[TASK PROMPT]
Please copy out every line of the listing below in which the word "POSITIVE" appears.

[RECORDED INFORMATION]
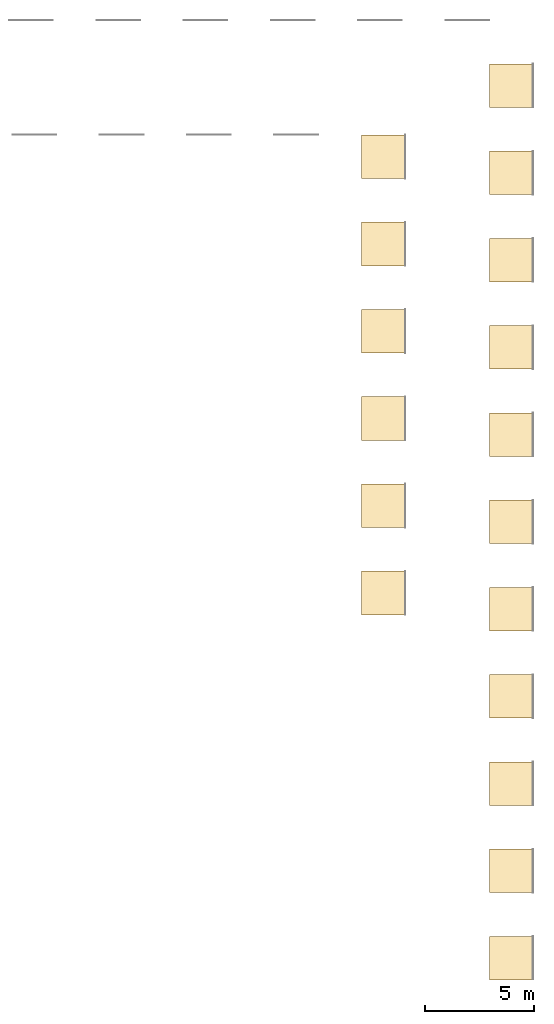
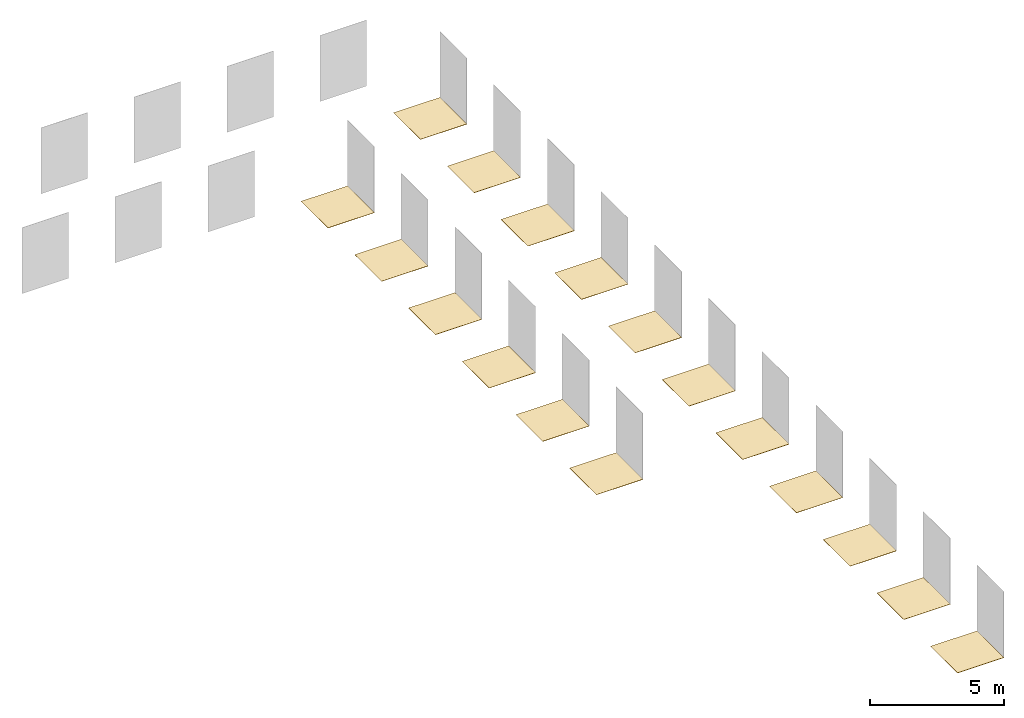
# One storey, part 2 of 2: 17 coverings.
"""IFC2X3 building model written with IfcOpenShell, lengths in millimetres."""

from ifc_helpers import new_model, entity, si_unit, converted_unit, derived_unit, direction, frame, frame_2d, origin, place, context, subcontext, project, spatial, rectangle, extrude, material, layer, layer_set, layer_usage, element, save


model = new_model("IFC2X3")

# Units and contexts
model_context = context("Model", 3, precision=0.01, world=origin(), true_north=direction((6.12303176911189e-17, 1.0)))
body_context = subcontext(model_context, "Body", "Model", "MODEL_VIEW")
ifc_project = project(units=[si_unit("LENGTHUNIT", "METRE", prefix="MILLI"), si_unit("AREAUNIT", "SQUARE_METRE"), si_unit("VOLUMEUNIT", "CUBIC_METRE"), converted_unit("PLANEANGLEUNIT", "DEGREE", entity("IfcRatioMeasure", 0.0174532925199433), si_unit("PLANEANGLEUNIT", "RADIAN"), dimensions=[0, 0, 0, 0, 0, 0, 0]), si_unit("MASSUNIT", "GRAM", prefix="KILO"), derived_unit("MASSDENSITYUNIT", [(si_unit("MASSUNIT", "GRAM", prefix="KILO"), 1), (si_unit("LENGTHUNIT", "METRE"), -3)]), si_unit("TIMEUNIT", "SECOND"), si_unit("FREQUENCYUNIT", "HERTZ"), si_unit("THERMODYNAMICTEMPERATUREUNIT", "DEGREE_CELSIUS"), derived_unit("THERMALTRANSMITTANCEUNIT", [(si_unit("MASSUNIT", "GRAM", prefix="KILO"), 1), (si_unit("THERMODYNAMICTEMPERATUREUNIT", "KELVIN"), -1), (si_unit("TIMEUNIT", "SECOND"), -3)]), derived_unit("VOLUMETRICFLOWRATEUNIT", [(si_unit("LENGTHUNIT", "METRE"), 3), (si_unit("TIMEUNIT", "SECOND"), -1)]), si_unit("ELECTRICCURRENTUNIT", "AMPERE"), si_unit("ELECTRICVOLTAGEUNIT", "VOLT"), si_unit("POWERUNIT", "WATT"), si_unit("FORCEUNIT", "NEWTON", prefix="KILO"), si_unit("ILLUMINANCEUNIT", "LUX"), si_unit("LUMINOUSFLUXUNIT", "LUMEN"), si_unit("LUMINOUSINTENSITYUNIT", "CANDELA"), derived_unit("USERDEFINED", [(si_unit("MASSUNIT", "GRAM", prefix="KILO"), -1), (si_unit("LENGTHUNIT", "METRE"), -2), (si_unit("TIMEUNIT", "SECOND"), 3), (si_unit("LUMINOUSFLUXUNIT", "LUMEN"), 1)]), derived_unit("LINEARVELOCITYUNIT", [(si_unit("LENGTHUNIT", "METRE"), 1), (si_unit("TIMEUNIT", "SECOND"), -1)]), si_unit("PRESSUREUNIT", "PASCAL"), derived_unit("USERDEFINED", [(si_unit("LENGTHUNIT", "METRE"), -2), (si_unit("MASSUNIT", "GRAM", prefix="KILO"), 1), (si_unit("TIMEUNIT", "SECOND"), -2)])], contexts=[model_context])

# Site, building, storey
site_placement = place(None, origin())
site = spatial("IfcSite", under=ifc_project, at=site_placement, Name="Default", CompositionType="ELEMENT")
building_placement = place(site_placement, origin())
building = spatial("IfcBuilding", under=site, at=building_placement, CompositionType="ELEMENT")
storey_placement = place(building_placement, origin())
storey = spatial("IfcBuildingStorey", under=building, at=storey_placement, Name="Level 1", CompositionType="ELEMENT", Elevation=0.0)

# Coverings
ifc_material_1 = material(Name="PGR_Porcelanosa_CeramicTiles_Bottega_Acero-1200x1200mm-100227107")
ifc_layer_1 = layer(ifc_material_1, 12.0)
ifc_layer_set_1 = layer_set([ifc_layer_1], Name="Floor:PGR_Porcelanosa_CeramicTiles_Bottega_Acero-1200x1200mm-100227107")
ifc_layer_usage_1 = layer_usage(ifc_layer_set_1, "AXIS3", "POSITIVE", 0.0)
covering_1_placement = place(storey_placement, origin())
element("IfcCovering", 1, at=covering_1_placement, inside=storey, material=ifc_layer_usage_1, Name="Floor:PGR_Porcelanosa_CeramicTiles_Bottega_Acero-1200x1200mm-100227107", ObjectType="Floor:PGR_Porcelanosa_CeramicTiles_Bottega_Acero-1200x1200mm-100227107", PredefinedType="FLOORING", context=body_context, shape_type="SweptSolid", body=[
    extrude(rectangle(XDim=2000.0, YDim=2000.0, at=frame_2d((2.1600499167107e-12, 1.13686837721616e-13), x_axis=(1.0, 0.0))), frame((2527.07742659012, 32498.0173252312, 0.0), z_axis=(0.0, 0.0, -1.0), x_axis=(0.0, 1.0, 0.0)), (0.0, 0.0, 1.0), 12.0),
])
ifc_material_2 = material(Name="PGR_Porcelanosa_CeramicTiles_Bottega_Acero-596x596mm-100214641")
ifc_layer_2 = layer(ifc_material_2, 10.3)
ifc_layer_set_2 = layer_set([ifc_layer_2], Name="Floor:PGR_Porcelanosa_CeramicTiles_Bottega_Acero-596x596mm-100214641")
ifc_layer_usage_2 = layer_usage(ifc_layer_set_2, "AXIS3", "POSITIVE", 0.0)
covering_2_placement = place(storey_placement, origin())
element("IfcCovering", 2, at=covering_2_placement, inside=storey, material=ifc_layer_usage_2, Name="Floor:PGR_Porcelanosa_CeramicTiles_Bottega_Acero-596x596mm-100214641", ObjectType="Floor:PGR_Porcelanosa_CeramicTiles_Bottega_Acero-596x596mm-100214641", PredefinedType="FLOORING", context=body_context, shape_type="SweptSolid", body=[
    extrude(rectangle(XDim=2000.0, YDim=2000.0, at=frame_2d((-2.1600499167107e-12, 1.13686837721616e-13), x_axis=(1.0, 0.0))), frame((2527.07742659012, 36498.0173252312, 0.0), z_axis=(0.0, 0.0, -1.0), x_axis=(0.0, 1.0, 0.0)), (0.0, 0.0, 1.0), 10.3),
])
ifc_material_3 = material(Name="PGR_Porcelanosa_CeramicTiles_Bottega_Acero-800x800mm-100214633")
ifc_layer_3 = layer(ifc_material_3, 11.2)
ifc_layer_set_3 = layer_set([ifc_layer_3], Name="Floor:PGR_Porcelanosa_CeramicTiles_Bottega_Acero-800x800mm-100214633")
ifc_layer_usage_3 = layer_usage(ifc_layer_set_3, "AXIS3", "POSITIVE", 0.0)
covering_3_placement = place(storey_placement, origin())
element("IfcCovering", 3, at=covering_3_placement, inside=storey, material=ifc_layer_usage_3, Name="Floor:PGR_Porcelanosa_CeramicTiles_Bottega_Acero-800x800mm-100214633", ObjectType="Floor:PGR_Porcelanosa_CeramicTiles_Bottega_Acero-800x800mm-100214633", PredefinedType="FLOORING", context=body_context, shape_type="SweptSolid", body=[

[ANSWER]
ifc_layer_usage_1 = layer_usage(ifc_layer_set_1, "AXIS3", "POSITIVE", 0.0)
ifc_layer_usage_2 = layer_usage(ifc_layer_set_2, "AXIS3", "POSITIVE", 0.0)
ifc_layer_usage_3 = layer_usage(ifc_layer_set_3, "AXIS3", "POSITIVE", 0.0)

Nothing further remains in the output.